▸ Stored data
━━━━━━━━━━━━━━━━━━━━━━━━━━━━━━
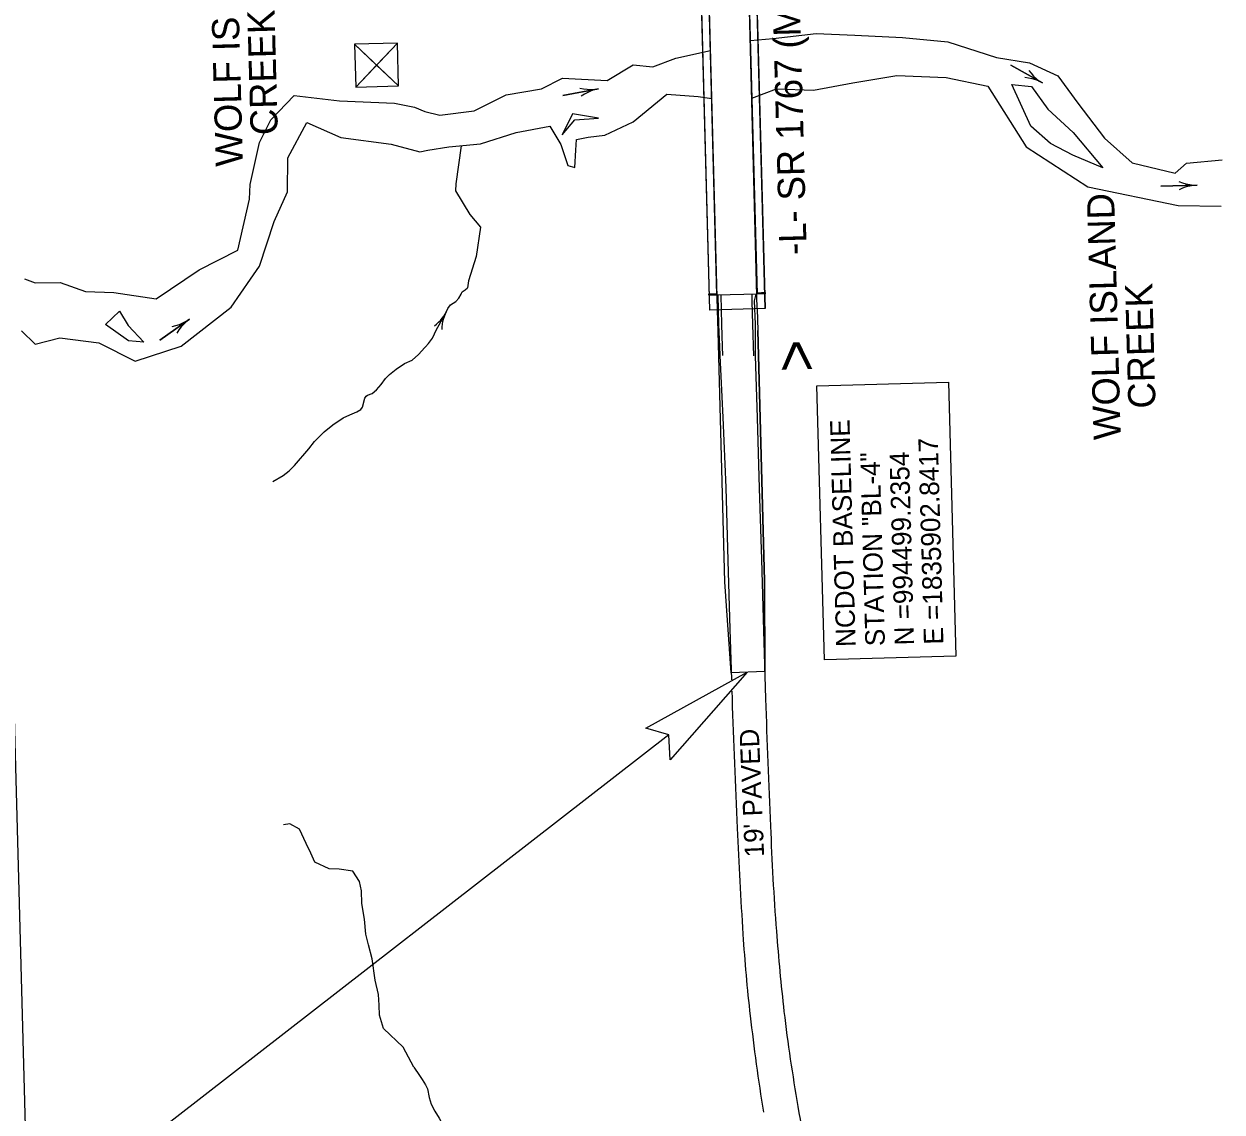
# Model space of a CAD drawing. Extents: x 1835096 to 1837089, y 993071 to 995976.
# Drawn here: x 1835495 to 1836156, y 994065 to 994665 of the extents above; entities that cross this region are included whole.
import ezdxf

# ---------------------------------------------------------------- set-up
doc = ezdxf.new("R2010")
doc.units = 0
for name, color, linetype in [('Default', 7, 'Continuous'), ('Exist Hydro River Flow Arrow CELL', 7, 'Continuous'), ('Exist Hydro Stream Flow Arrow CELL', 7, 'Continuous'), ('Exist Hydro Stream or Body of Water', 7, 'Continuous'), ('Exist Roads EOP', 7, 'Continuous'), ('Exist Roads EOP Text', 7, 'Continuous'), ('Exist Roads EOT', 7, 'Continuous'), ('Exist Structure Major Bridge WW', 7, 'Continuous'), ('Exist Structure Major Deck Tunnel Box Culvert', 7, 'Continuous'), ('Old_Level_57', 7, 'Continuous'), ('Prop EOT', 7, 'Continuous'), ('Prop Roadway Bridge', 7, 'Continuous'), ('Prop Shade Heavy', 7, 'Continuous'), ('Prop Shade Light', 7, 'Continuous'), ('Prop Terminator CELL', 7, 'Continuous'), ('Proposed Right of Way Monument PSD Text', 7, 'Continuous')]:
    doc.layers.add(name, color=color, linetype=linetype)

# ---------------------------------------------------------------- blocks, each defined once
blk = doc.blocks.new('EXIST HYDRO RIVER FLOW ARROW')
at = {"layer": 'Exist Hydro River Flow Arrow CELL'}
blk.add_line((0, 0), (0, 0), dxfattribs=at)
blk.add_lwpolyline([(0, 0.04575), (0.03775, 0.03), (0.07725, 0.01725), (0.118, 0.00775), (0.159, 0.0015), (0.2, 0), (-0.2, 0), (0.2, 0), (0.159, -0.0015), (0.118, -0.00775), (0.07725, -0.01725), (0.03775, -0.03), (0, -0.04575)], dxfattribs=at)

msp = doc.modelspace()

# ---------------------------------------------------------------- linework, layer by layer
at = {"layer": 'Default'}
for p, q in [((1835497.85, 993999.18), (1835481.16, 994610.43)), ((1835850.86, 994273.06), (1835497.85, 993999.18))]:
    msp.add_line(p, q, dxfattribs=at)
msp.add_lwpolyline([(1835936.54, 994314.41), (1835932.42, 994465.28), (1836004.97, 994467.27), (1836009.09, 994316.39)], close=True, dxfattribs=at)
at = {"layer": 'Exist Hydro Stream Flow Arrow CELL'}
msp.add_line((1835726.01, 994501.78), (1835726.01, 994501.78), dxfattribs=at)
for points in [[(1835721.72, 994498.34), (1835722.85, 994499.27), (1835723.91, 994500.33), (1835724.93, 994501.39), (1835725.85, 994502.51), (1835726.72, 994503.71), (1835727.54, 994504.97), (1835728.26, 994506.24)], [(1835725.8, 994496.28), (1835725.87, 994497.75), (1835726.1, 994499.23), (1835726.34, 994500.68), (1835726.7, 994502.09), (1835727.14, 994503.5), (1835727.67, 994504.9), (1835728.26, 994506.24)]]:
    msp.add_lwpolyline(points, dxfattribs=at)
at = {"layer": 'Exist Hydro Stream or Body of Water'}
for points in [[(1835895.72, 994655.6), (1835908.34, 994656.7), (1835932.09, 994659.37), (1835953.35, 994658.53), (1835979.55, 994657.18), (1836004.64, 994654.78), (1836031.43, 994646.2), (1836049.63, 994643.2), (1836065.15, 994636.05), (1836076.25, 994621.07), (1836090.97, 994601.72), (1836106.14, 994588.1), (1836129.97, 994582.49), (1836136.22, 994588.08), (1836155.75, 994589.8)], [(1835495.7, 994524.2), (1835501.55, 994522.03), (1835515.24, 994522.34), (1835529.27, 994517.33), (1835544.89, 994516.77), (1835568.26, 994513.2), (1835591.98, 994529.22), (1835613.23, 994540.1), (1835619.63, 994568.19), (1835620.01, 994576.2), (1835625.12, 994599.34), (1835631.42, 994611.92), (1835644.23, 994625.32), (1835669.23, 994622.31), (1835699.6, 994620.96), (1835710.65, 994618.81), (1835716.4, 994616.41), (1835724.65, 994614.46), (1835743.45, 994616.83), (1835761.13, 994625.64), (1835780.63, 994629.02), (1835792.18, 994634.89), (1835816.86, 994633.61), (1835831.17, 994642.24), (1835841.96, 994641.04), (1835854.63, 994645.87), (1835873.72, 994649.98)], [(1835896.56, 994623.88), (1835910.17, 994628.94), (1835930.5, 994628.29), (1835952.23, 994632.22), (1835976.49, 994636.35), (1836003.73, 994635.24), (1836026.64, 994630.34), (1836047.73, 994597.05), (1836081.75, 994574.93), (1836131.52, 994564.7), (1836155.24, 994564.23)], [(1836039.86, 994631.31), (1836050.76, 994630.25), (1836059.67, 994617.74), (1836073.64, 994604.83), (1836090.05, 994585.5), (1836073.59, 994592.35), (1836061.23, 994598.89), (1836050.41, 994608.37), (1836039.86, 994631.31)], [(1835494.09, 994495.65), (1835501.58, 994488.3), (1835515.23, 994491.83), (1835536.62, 994488.94), (1835556.67, 994478.82), (1835581.97, 994487.15), (1835609.65, 994508.57), (1835620.2, 994524.08), (1835625.22, 994531.19), (1835633.26, 994555.92), (1835640.68, 994572.22), (1835640.84, 994590.98), (1835651.3, 994610.45), (1835670.07, 994602.09), (1835697.68, 994598.48), (1835713.57, 994594.24), (1835717.92, 994595.07), (1835729.61, 994597.05), (1835747.02, 994598.56), (1835766.64, 994604.91), (1835785.25, 994608.41), (1835791.25, 994598.3), (1835795.23, 994586.77), (1835799.04, 994585.66), (1835799.48, 994595.16), (1835799.88, 994601.07), (1835806.36, 994602.23), (1835815.58, 994603.38), (1835831.25, 994610.75), (1835849.69, 994625.99), (1835866.94, 994624.78), (1835874.43, 994623.62)], [(1835791.98, 994603.66), (1835799.07, 994611.95), (1835812.06, 994612.84), (1835797.74, 994615.14), (1835791.98, 994603.66)], [(1835736.27, 994597.63), (1835733.41, 994576.69), (1835733.21, 994572.7), (1835741.16, 994559.79)], [(1835741.16, 994559.79), (1835747.03, 994552.71), (1835744.57, 994536.64), (1835740.38, 994523.17)], [(1835740.38, 994523.17), (1835739.88, 994519.33)], [(1835718.38, 994488.69), (1835720.51, 994491.65), (1835722.76, 994496.28), (1835727.27, 994504.46), (1835728.92, 994507.97), (1835730.56, 994509.98), (1835733.4, 994511.87), (1835735.09, 994513.58), (1835736.29, 994515.77), (1835736.47, 994516.42)], [(1835736.47, 994516.42), (1835736.87, 994517.2), (1835738.62, 994518.13), (1835739.88, 994519.33)], [(1835540.38, 994499.14), (1835548.05, 994506.4), (1835552.78, 994498.63), (1835561.4, 994489.45), (1835552.93, 994490.11), (1835540.38, 994499.14)], [(1835632.55, 994412.64), (1835638.22, 994415.99), (1835641.48, 994418.41), (1835644.52, 994421.38), (1835652.42, 994430.7), (1835655.46, 994434.74), (1835660.82, 994440.05), (1835665.67, 994443.88), (1835671.34, 994447.73), (1835675.02, 994449.4), (1835678.87, 994451.07), (1835681.06, 994452.37), (1835681.98, 994453.59), (1835683.24, 994458.51), (1835683.96, 994459.59), (1835684.74, 994460.1), (1835687.31, 994461.13), (1835689.73, 994463.14), (1835692.28, 994466.11), (1835694.59, 994469.39), (1835696.84, 994471.64), (1835700.55, 994474.46), (1835705.1, 994477.59), (1835709.38, 994479.39), (1835712.85, 994482.5), (1835716.24, 994486.38)], [(1835716.24, 994486.38), (1835716.65, 994486.85), (1835718.38, 994488.69)], [(1835710.22, 994089.87), (1835704.36, 994101.04), (1835693.57, 994111.24), (1835691.3, 994118.56), (1835691.1, 994124.1), (1835690.71, 994130.04), (1835689.04, 994137.92), (1835687.33, 994149.72), (1835685.32, 994157.35), (1835683.89, 994163.2), (1835683.16, 994171.5), (1835681.6, 994180.15), (1835681.44, 994187.12), (1835680.37, 994192.2), (1835676.55, 994197.87), (1835669.04, 994199.07), (1835663.66, 994199.31), (1835655.67, 994202.86), (1835653.46, 994207.9), (1835650.98, 994213.16), (1835647.29, 994221.03), (1835642, 994224.1), (1835638.39, 994223.51)], [(1835710.22, 994089.87), (1835713.3, 994085.39), (1835714.78, 994083.21), (1835716.73, 994080.15), (1835717.75, 994078.08), (1835718.66, 994073.27), (1835719.8, 994069.53), (1835721.82, 994065.7), (1835724.15, 994061.79), (1835726.28, 994058.11), (1835730.87, 994051.1), (1835732.91, 994047.36), (1835735.17, 994044.03), (1835736.94, 994040.49), (1835740.2, 994037.9), (1835745.02, 994037.03), (1835748.97, 994035.23), (1835751.36, 994033.82)]]:
    msp.add_lwpolyline(points, dxfattribs=at)
at = {"layer": 'Exist Roads EOP'}
for points in [[(1835877.91, 994515.25), (1835878.22, 994498.95), (1835878.68, 994486.97), (1835878.99, 994481.98), (1835880.53, 994447.85), (1835882.22, 994409.28), (1835883.27, 994369.06), (1835884.4, 994331.28), (1835885.31, 994303.36)], [(1835898.85, 994515.77), (1835897.81, 994512.06), (1835898.46, 994499.24), (1835898.36, 994481.87), (1835899.48, 994447.65), (1835900.7, 994408.99), (1835901.89, 994369.66), (1835902.98, 994330.61), (1835904.18, 994292.9)], [(1835885.51, 994297.09), (1835885.64, 994293.04)]]:
    msp.add_lwpolyline(points, dxfattribs=at)
for centre, major_axis, ratio, start_param, end_param in [((1843467.03, 994613.49), (-809.44, -7724.36), 0.976533, 4.855648, 4.864865), ((1839243.94, 994396.48), (-896.35, -3233.61), 0.995369, 5.012487, 5.033428), ((1838507.68, 994361.98), (-220.5, -2712.3), 0.963246, 4.842182, 4.86368), ((1837290.02, 994273.44), (-479.73, -1302.83), 0.996382, 5.100588, 5.142329), ((1836717.93, 994214.03), (-791.96, -241.11), 0.999196, 6.048946, 6.103473), ((1837255.37, 994278.92), (-130.52, -1367.47), 0.982283, 4.888989, 4.921418), ((1836922.61, 994250.66), (-38.19, -1039.57), 0.976726, 4.873644, 4.924434), ((1837018.9, 994257.26), (-63.22, -1157.99), 0.975191, 4.885746, 4.931935), ((1836857.23, 994226.8), (-931.25, -180.71), 0.99854, 6.259309, 6.319168)]:
    msp.add_ellipse(centre, major_axis=major_axis, ratio=ratio, start_param=start_param, end_param=end_param, dxfattribs=at)
at = {"layer": 'Exist Roads EOT'}
for points in [[(1835879.54, 994515.29), (1835879.92, 994499.07), (1835880.27, 994486.99), (1835880.34, 994481.98)], [(1835897.69, 994481.87), (1835897.17, 994499.17), (1835896.82, 994511.92), (1835896.7, 994515.7)]]:
    msp.add_lwpolyline(points, dxfattribs=at)
at = {"layer": 'Exist Structure Major Bridge WW'}
for points in [[(1835899.4, 994516.63), (1835901.83, 994516.71), (1835903.85, 994516.79), (1835903.88, 994515.99), (1835901.94, 994515.92), (1835899.42, 994515.83)], [(1835877.36, 994515.28), (1835874.87, 994515.24), (1835872.9, 994515.21), (1835872.93, 994516.01), (1835874.89, 994516.04), (1835877.34, 994516.08)]]:
    msp.add_lwpolyline(points, dxfattribs=at)
at = {"layer": 'Exist Structure Major Deck Tunnel Box Culvert'}
for points in [[(1835877.36, 994515.29), (1835872.62, 994690.49)], [(1835894.78, 994691.04), (1835899.42, 994515.82)], [(1835899.42, 994515.82), (1835877.36, 994515.29)]]:
    msp.add_lwpolyline(points, dxfattribs=at)
at = {"layer": 'Old_Level_57'}
for p, q in [((1835677.59, 994653.52), (1835701.81, 994630.58)), ((1835678.23, 994629.94), (1835701.17, 994654.16))]:
    msp.add_line(p, q, dxfattribs=at)
msp.add_lwpolyline([(1835701.81, 994630.58), (1835701.17, 994654.16), (1835677.59, 994653.52), (1835678.23, 994629.94)], close=True, dxfattribs=at)
for points in [[(1835689.7, 994642.05), (1835677.59, 994653.52), (1835678.23, 994629.94), (1835689.7, 994642.05)], [(1835689.7, 994642.05), (1835701.81, 994630.58), (1835701.17, 994654.16), (1835689.7, 994642.05)]]:
    msp.add_lwpolyline(points, dxfattribs=at)
at = {"layer": 'Prop EOT'}
for p, q in [((1835881.63, 994357.26), (1835877.93, 994495.21)), ((1835903.62, 994357.85), (1835899.92, 994495.8)), ((1835885.18, 994307.28), (1835881.63, 994357.26)), ((1835903.7, 994307.89), (1835903.62, 994357.85))]:
    msp.add_line(p, q, dxfattribs=at)
at = {"layer": 'Prop Roadway Bridge'}
for p, q in [((1835873.36, 994507.09), (1835868.28, 994697.02)), ((1835877.61, 994507.2), (1835872.53, 994697.14)), ((1835899.6, 994507.79), (1835894.52, 994697.72)), ((1835903.85, 994507.91), (1835898.77, 994697.84)), ((1835903.85, 994507.91), (1835873.36, 994507.09))]:
    msp.add_line(p, q, dxfattribs=at)
at = {"layer": 'Prop Shade Heavy'}
msp.add_lwpolyline([(1835873.36, 994507.09), (1835868.28, 994697.02), (1835898.77, 994697.84), (1835903.85, 994507.91)], close=True, dxfattribs=at)
at = {"layer": 'Prop Shade Light'}
for p, q in [((1835877.93, 994495.21), (1835877.61, 994507.2)), ((1835899.6, 994507.79), (1835899.92, 994495.8)), ((1835881.63, 994357.26), (1835877.93, 994495.21)), ((1835899.92, 994495.8), (1835903.62, 994357.85)), ((1835885.18, 994307.28), (1835881.63, 994357.26)), ((1835903.62, 994357.85), (1835903.7, 994307.89)), ((1835903.7, 994307.89), (1835885.18, 994307.28))]:
    msp.add_line(p, q, dxfattribs=at)
at = {"layer": 'Prop Terminator CELL'}
msp.add_lwpolyline([(1835838.07, 994276.74), (1835894.07, 994307.57), (1835851.56, 994259.29), (1835850.86, 994273.06)], close=True, dxfattribs=at)

# ---------------------------------------------------------------- block references
at = {"layer": 'Exist Hydro River Flow Arrow CELL', "xscale": 50}
for p, yscale, rotation in [((1836048.09, 994637.12), 50, -29.673242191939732), ((1835802.16, 994627.14), 50, 10.696902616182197), ((1836132.03, 994575.63), 50, 1.4741954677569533), ((1835578.39, 994496.23), 50.00000000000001, 35.48222211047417)]:
    msp.add_blockref('EXIST HYDRO RIVER FLOW ARROW', p, dxfattribs=dict(at, yscale=yscale, rotation=rotation))

# ---------------------------------------------------------------- texts
at = {"layer": 'Default'}
for s, p in [('-L- SR 1767 (MAYFIELD RD.)', (1835926.86, 994537.6)), ('WOLF ISLAND ', (1835616.12, 994586.42)), ('   CREEK', (1835635.78, 994586.95)), ('WOLF ISLAND ', (1836099.95, 994435.76)), ('   CREEK', (1836119.6, 994436.3))]:
    msp.add_text(s, height=15, rotation=91.56434, dxfattribs=at).set_placement(p)
at = {"layer": 'Exist Roads EOP Text'}
msp.add_text("19' PAVED", height=10.648, rotation=92.44503, dxfattribs=at).set_placement((1835903.38, 994205.89))
at = {"layer": 'Old_Level_57'}
msp.add_text('>', height=22.96, rotation=91.57854, dxfattribs=at).set_placement((1835932.49, 994473.15))
at = {"layer": 'Proposed Right of Way Monument PSD Text'}
for s, p in [('NCDOT BASELINE', (1835953.82, 994321.6)), ('E =1835902.8417 ', (1836002.19, 994322.93)), ('STATION "BL-4"', (1835969.94, 994322.04)), ('N =994499.2354 ', (1835986.07, 994322.48))]:
    msp.add_text(s, height=10.752, rotation=91.56434, dxfattribs=at).set_placement(p)

doc.saveas('drawing.dxf')
━━━━━━━━━━━━━━━━━━━━━━━━━━━━━━
▸ Work required
Wherever the string "blocks" appears in a line of the records, copy that line.

▸ Result for this task
# ---------------------------------------------------------------- blocks, each defined once
blk = doc.blocks.new('EXIST HYDRO RIVER FLOW ARROW')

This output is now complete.